For our categorical variables (which we stored in categorical_features) we’re going to create a Pipeline called categorical_transformer which uses SimpleImputer() to fill in the missing values and then uses the selected encoder from Category Encoders. For the numeric data, we’ll fill in any missing values with the mean using SimpleImputer(), then we’ll scale the data using StandardScaler(). Then we’ll use the ColumnTransformer() to run our numeric and categorical transformer pipelines to preprocess our data.

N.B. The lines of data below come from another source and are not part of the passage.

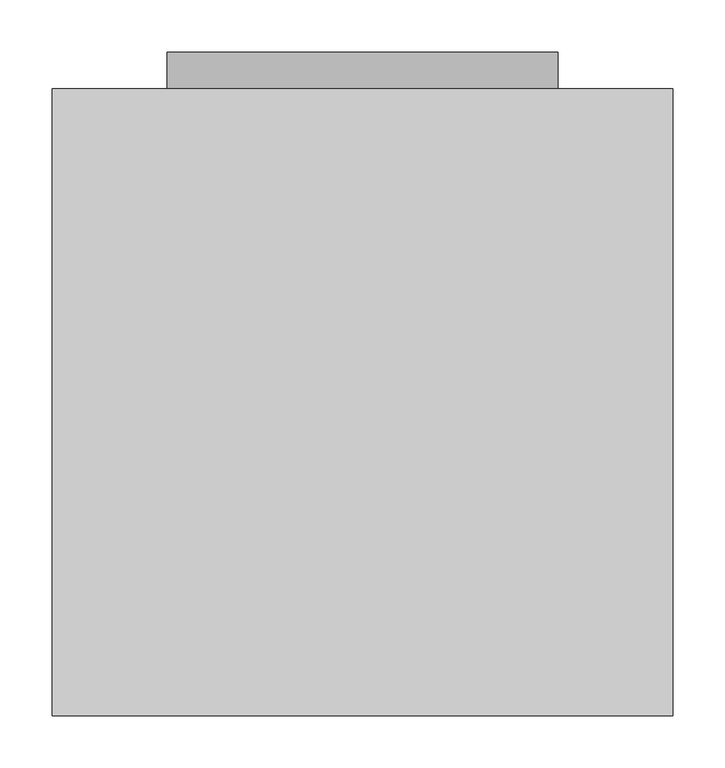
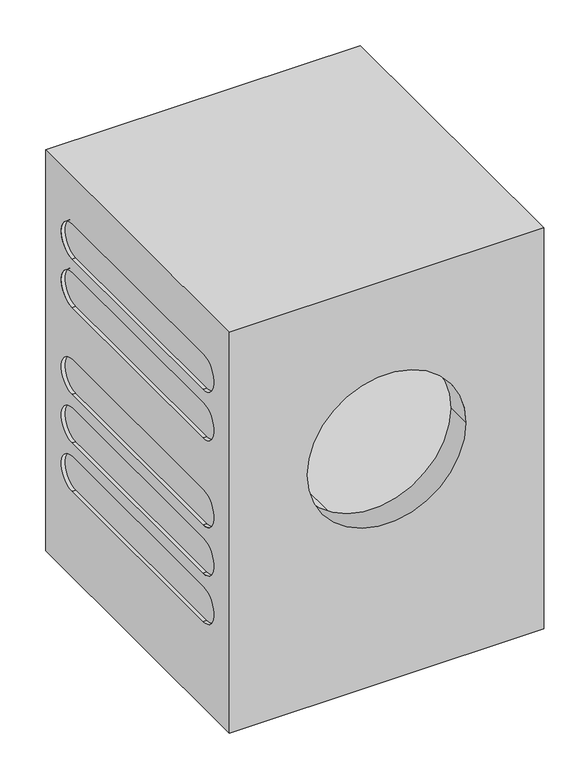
"""IFC4 building model written with IfcOpenShell, lengths in millimetres: proxy geometry, 11093960_F_PWM506DV_LWMopStar6 : 51506261_F_11093960_PWM506DV_LWMopStar6."""

from ifc_helpers import new_model, si_unit, point, frame, frame_2d, origin, place, context, project, spatial, polyline, circle_curve, trimmed, segment, composite_curve, outline, extrude, source, transform, mapped, element, save
from ifc_brep_helpers import plane_surface, revolved_surface, advanced_brep


def specialty_equipment_189d753a(model_context):
    return source(origin(), model_context, "Body", "SolidModel", [
        advanced_brep(
        [(298.0, -35.0, 816.0), (298.0, -35.0, 13.5), (-298.0, -35.0, 13.5), (-298.0, -35.0, 816.0), (215.0, -35.0, 130.0), (119.0, -35.0, 130.0), (119.0, -35.0, 80.0), (215.0, -35.0, 80.0), (298.0, -637.0, 816.0), (-298.0, -637.0, 816.0), (-298.0, -637.0, 13.5), (298.0, -637.0, 13.5), (150.0, -637.0, 478.0), (-150.0, -637.0, 478.0), (298.0, -552.0, 650.0), (298.0, -552.0, 720.0), (298.0, -122.0, 720.0), (298.0, -122.0, 650.0), (298.0, -552.0, 553.0), (298.0, -552.0, 623.0), (298.0, -122.0, 623.0), (298.0, -122.0, 553.0), (298.0, -552.0, 282.0), (298.0, -552.0, 352.0), (298.0, -122.0, 352.0), (298.0, -122.0, 282.0), (298.0, -552.0, 185.0), (298.0, -552.0, 255.0), (298.0, -122.0, 255.0), (298.0, -122.0, 185.0), (298.0, -552.0, 379.0), (298.0, -552.0, 449.0), (298.0, -122.0, 449.0), (298.0, -122.0, 379.0), (-298.0, -552.0, 720.0), (-298.0, -552.0, 650.0), (-298.0, -122.0, 650.0), (-298.0, -122.0, 720.0), (-298.0, -552.0, 623.0), (-298.0, -552.0, 553.0), (-298.0, -122.0, 553.0), (-298.0, -122.0, 623.0), (-298.0, -552.0, 352.0), (-298.0, -552.0, 282.0), (-298.0, -122.0, 282.0), (-298.0, -122.0, 352.0), (-298.0, -552.0, 255.0), (-298.0, -552.0, 185.0), (-298.0, -122.0, 185.0), (-298.0, -122.0, 255.0), (-298.0, -552.0, 379.0), (-298.0, -122.0, 379.0), (-298.0, -122.0, 449.0), (-298.0, -552.0, 449.0), (-150.0, -589.0, 478.0), (150.0, -589.0, 478.0), (0.0, -227.0, 238.0), (0.0, -227.0, 718.0), (0.0, -589.0, 238.0), (0.0, -589.0, 718.0), (-291.0, -552.0, 720.0), (-291.0, -122.0, 720.0), (-291.0, -122.0, 650.0), (-291.0, -552.0, 650.0), (-291.0, -552.0, 623.0), (-291.0, -122.0, 623.0), (-291.0, -122.0, 553.0), (-291.0, -552.0, 553.0), (-291.0, -552.0, 352.0), (-291.0, -122.0, 352.0), (-291.0, -122.0, 282.0), (-291.0, -552.0, 282.0), (-291.0, -552.0, 255.0), (-291.0, -122.0, 255.0), (-291.0, -122.0, 185.0), (-291.0, -552.0, 185.0), (291.0, -552.0, 720.0), (291.0, -552.0, 650.0), (291.0, -122.0, 650.0), (291.0, -122.0, 720.0), (291.0, -552.0, 623.0), (291.0, -552.0, 553.0), (291.0, -122.0, 553.0), (291.0, -122.0, 623.0), (291.0, -552.0, 352.0), (291.0, -552.0, 282.0), (291.0, -122.0, 282.0), (291.0, -122.0, 352.0), (291.0, -552.0, 255.0), (291.0, -552.0, 185.0), (291.0, -122.0, 185.0), (291.0, -122.0, 255.0), (-291.0, -552.0, 449.0), (-291.0, -122.0, 449.0), (-291.0, -122.0, 379.0), (-291.0, -552.0, 379.0), (291.0, -552.0, 449.0), (291.0, -552.0, 379.0), (291.0, -122.0, 379.0), (291.0, -122.0, 449.0), (119.0, -152.0, 130.0), (215.0, -152.0, 130.0), (215.0, -152.0, 80.0), (119.0, -152.0, 80.0)],
        [
            (0, 1),
            (1, 2),
            (2, 3),
            (3, 0),
            (4, 5),
            (5, 6),
            (6, 7),
            (7, 4),
            (8, 9),
            (9, 10),
            (10, 11),
            (11, 8),
            (12, 13, circle_curve(frame((0.0, -637.0, 478.0), z_axis=(0.0, 1.0, 0.0), x_axis=(-1.0, 0.0, 0.0)), 150.0)),
            (13, 12, circle_curve(frame((0.0, -637.0, 478.0), z_axis=(0.0, 1.0, 0.0), x_axis=(-1.0, 0.0, 0.0)), 150.0)),
            (0, 8),
            (11, 1),
            (14, 15, circle_curve(frame((298.0, -552.0, 685.0), z_axis=(-1.0, 0.0, 0.0), x_axis=(0.0, 1.0, 0.0)), 35.0)),
            (15, 16),
            (16, 17, circle_curve(frame((298.0, -122.0, 685.0), z_axis=(-1.0, 0.0, 0.0), x_axis=(0.0, 1.0, 0.0)), 35.0)),
            (17, 14),
            (18, 19, circle_curve(frame((298.0, -552.0, 588.0), z_axis=(-1.0, 0.0, 0.0), x_axis=(0.0, 1.0, 0.0)), 35.0)),
            (19, 20),
            (20, 21, circle_curve(frame((298.0, -122.0, 588.0), z_axis=(-1.0, 0.0, 0.0), x_axis=(0.0, 1.0, 0.0)), 35.0)),
            (21, 18),
            (22, 23, circle_curve(frame((298.0, -552.0, 317.0), z_axis=(-1.0, 0.0, 0.0), x_axis=(0.0, 1.0, 0.0)), 35.0)),
            (23, 24),
            (24, 25, circle_curve(frame((298.0, -122.0, 317.0), z_axis=(-1.0, 0.0, 0.0), x_axis=(0.0, 1.0, 0.0)), 35.0)),
            (25, 22),
            (26, 27, circle_curve(frame((298.0, -552.0, 220.0), z_axis=(-1.0, 0.0, 0.0), x_axis=(0.0, 1.0, 0.0)), 35.0)),
            (27, 28),
            (28, 29, circle_curve(frame((298.0, -122.0, 220.0), z_axis=(-1.0, 0.0, 0.0), x_axis=(0.0, 1.0, 0.0)), 35.0)),
            (29, 26),
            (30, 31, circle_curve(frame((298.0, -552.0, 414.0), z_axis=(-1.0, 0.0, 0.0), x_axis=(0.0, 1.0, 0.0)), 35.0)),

Finally, we can define another Pipeline to describe the preprocessor step above, and pass in the details on the model we selected. We then fit() the model and preprocessor on the X_train and y_train data and it runs everything for us. Once that’s done, we can then use the fitted model to predict against X_test and return the data in y_pred. Then, it’s simply a case of calculating some performance metrics and appending the output to the dataframe of results we created above.

for key in encoders:

    categorical_transformer = Pipeline(
        steps=[
            ('imputer', SimpleImputer(strategy='constant', fill_value='missing')),
            ('encoder', encoders[key]())
        ]
    )    

    numeric_transformer = Pipeline(
        steps=[
            ('imputer', SimpleImputer(strategy='mean')),
            ('scaler', StandardScaler())
        ]
    )

    preprocessor = ColumnTransformer(
        transformers=[
            ('numerical', numeric_transformer, numeric_features),
            ('categorical', categorical_transformer, categorical_features)
        ]
    )

    pipe = Pipeline(
        steps=[
            ('preprocessor', preprocessor),
            ('classifier', selected_model)
        ]
    )

    model = pipe.fit(X_train, y_train)
    y_pred = model.predict(X_test)

    row = {
        'encoder': key,
        'f1': f1_score(y_test, y_pred, average='macro'),
        'accuracy': accuracy_score(y_test, y_pred),
        'roc': roc_auc_score(y_test, y_pred)
    }

    df_results = df_results.append(row, ignore_index=True)

If you print out the results and rank them by the AUC ROC you’ll be able to see which approach worked best on the data set. As with hyperparameter tuning, you may find that you can improve the results by tweaking the parameters used.

df_results.head(20).sort_values(by='roc')

	encoder	f1	accuracy	roc
8	LeaveOneOutEncoder	0.431043	0.757601	0.500000
4	HashingEncoder	0.792972	0.860784	0.770418
1	BaseNEncoder	0.812706	0.871021	0.794404
2	BinaryEncoder	0.812706	0.871021	0.794404
3	CatBoostEncoder	0.811457	0.869280	0.794979
0	BackwardDifferenceEncoder	0.814305	0.872249	0.795646
10	OrdinalEncoder	0.814305	0.872249	0.795646
9	MEstimateEncoder	0.813458	0.870816	0.796567
14	WOEEncoder	0.814858	0.872249	0.796938
11	PolynomialEncoder	0.814049	0.871225	0.797124
13	TargetEncoder	0.814175	0.871123	0.797631
5	HelmertEncoder	0.815163	0.872249	0.797656
6	JamesSteinEncoder	0.815577	0.872556	0.798002
7	OneHotEncoder	0.815463	0.872351	0.798154
12	SumEncoder	0.815463	0.872351	0.798154

Transforming specific columns

Although I didn’t use this approach in the intentionally simple example above, you can (and should) use the transformers on specific columns, rather than applying them in a less targeted fashion.

By default, if you don’t pass in any arguments to an encoder it will run on every non-numeric column. However, if you pass in a list of specific column names, you can apply the encoding to specific fields.